Exercise goal — For this exercise, write out exactly the lines from the line containing "constraints: 2 centre" through the last line of the records, and no other lines.

Material supplied —
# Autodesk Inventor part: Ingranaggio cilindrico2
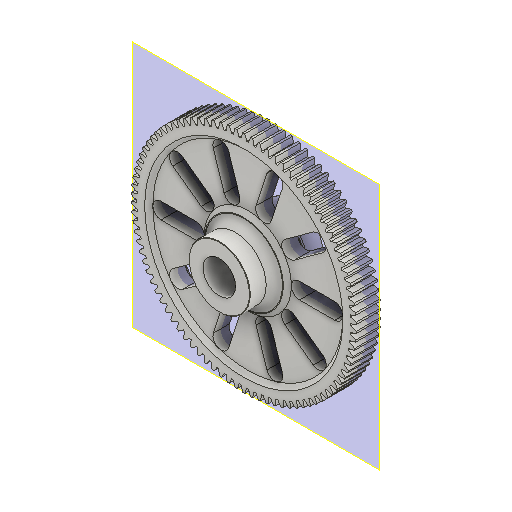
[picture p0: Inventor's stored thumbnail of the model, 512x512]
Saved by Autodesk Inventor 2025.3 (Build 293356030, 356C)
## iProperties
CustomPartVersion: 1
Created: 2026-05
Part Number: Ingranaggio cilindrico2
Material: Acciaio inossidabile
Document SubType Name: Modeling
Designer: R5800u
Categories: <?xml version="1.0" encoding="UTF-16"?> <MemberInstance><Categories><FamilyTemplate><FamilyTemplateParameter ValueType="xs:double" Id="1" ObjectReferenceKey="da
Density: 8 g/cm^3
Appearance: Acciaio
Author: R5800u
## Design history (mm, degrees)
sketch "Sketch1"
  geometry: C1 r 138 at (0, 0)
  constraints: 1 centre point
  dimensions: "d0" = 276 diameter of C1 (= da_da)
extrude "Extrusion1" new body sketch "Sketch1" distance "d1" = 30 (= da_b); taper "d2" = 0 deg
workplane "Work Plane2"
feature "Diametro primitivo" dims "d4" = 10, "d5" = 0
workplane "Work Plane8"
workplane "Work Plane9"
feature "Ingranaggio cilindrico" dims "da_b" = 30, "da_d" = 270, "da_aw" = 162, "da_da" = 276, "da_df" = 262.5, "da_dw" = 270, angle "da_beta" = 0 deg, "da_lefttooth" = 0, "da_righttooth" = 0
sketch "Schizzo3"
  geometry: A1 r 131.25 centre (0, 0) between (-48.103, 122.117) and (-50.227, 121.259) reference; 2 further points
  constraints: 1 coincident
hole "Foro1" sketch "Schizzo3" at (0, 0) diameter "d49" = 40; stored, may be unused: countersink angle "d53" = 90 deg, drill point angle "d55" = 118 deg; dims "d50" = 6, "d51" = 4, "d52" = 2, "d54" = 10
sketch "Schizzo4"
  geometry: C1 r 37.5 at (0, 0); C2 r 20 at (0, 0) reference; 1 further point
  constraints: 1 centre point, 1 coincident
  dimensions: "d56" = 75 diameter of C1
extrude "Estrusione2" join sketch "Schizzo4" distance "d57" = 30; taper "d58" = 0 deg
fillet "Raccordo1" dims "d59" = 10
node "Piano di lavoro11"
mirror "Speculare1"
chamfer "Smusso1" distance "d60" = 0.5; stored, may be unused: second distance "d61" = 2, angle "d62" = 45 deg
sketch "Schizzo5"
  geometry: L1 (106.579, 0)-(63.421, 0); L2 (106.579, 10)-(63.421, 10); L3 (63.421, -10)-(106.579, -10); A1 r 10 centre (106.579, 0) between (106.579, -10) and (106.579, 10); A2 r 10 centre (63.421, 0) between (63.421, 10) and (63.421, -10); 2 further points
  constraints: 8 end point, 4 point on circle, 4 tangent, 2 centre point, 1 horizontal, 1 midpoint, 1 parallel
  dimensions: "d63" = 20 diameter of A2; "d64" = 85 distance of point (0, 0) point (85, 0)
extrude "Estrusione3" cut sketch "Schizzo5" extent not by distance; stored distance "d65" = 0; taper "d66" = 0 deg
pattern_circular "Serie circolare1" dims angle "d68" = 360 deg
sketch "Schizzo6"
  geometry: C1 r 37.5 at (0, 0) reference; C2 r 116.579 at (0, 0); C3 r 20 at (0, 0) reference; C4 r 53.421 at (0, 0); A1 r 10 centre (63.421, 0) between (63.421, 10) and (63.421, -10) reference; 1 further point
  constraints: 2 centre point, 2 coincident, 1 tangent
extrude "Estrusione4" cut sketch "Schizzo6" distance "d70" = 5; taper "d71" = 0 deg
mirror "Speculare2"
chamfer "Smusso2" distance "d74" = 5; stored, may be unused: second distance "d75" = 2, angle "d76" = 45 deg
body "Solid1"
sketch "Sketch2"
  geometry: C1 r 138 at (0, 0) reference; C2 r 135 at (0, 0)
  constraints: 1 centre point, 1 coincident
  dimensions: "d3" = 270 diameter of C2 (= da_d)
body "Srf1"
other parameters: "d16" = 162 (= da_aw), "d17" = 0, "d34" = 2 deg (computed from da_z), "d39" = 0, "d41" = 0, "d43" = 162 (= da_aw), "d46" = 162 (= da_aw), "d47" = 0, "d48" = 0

Output for this task —
  constraints: 2 centre point, 2 coincident, 1 tangent
extrude "Estrusione4" cut sketch "Schizzo6" distance "d70" = 5; taper "d71" = 0 deg
mirror "Speculare2"
chamfer "Smusso2" distance "d74" = 5; stored, may be unused: second distance "d75" = 2, angle "d76" = 45 deg
body "Solid1"
sketch "Sketch2"
  geometry: C1 r 138 at (0, 0) reference; C2 r 135 at (0, 0)
  constraints: 1 centre point, 1 coincident
  dimensions: "d3" = 270 diameter of C2 (= da_d)
body "Srf1"
other parameters: "d16" = 162 (= da_aw), "d17" = 0, "d34" = 2 deg (computed from da_z), "d39" = 0, "d41" = 0, "d43" = 162 (= da_aw), "d46" = 162 (= da_aw), "d47" = 0, "d48" = 0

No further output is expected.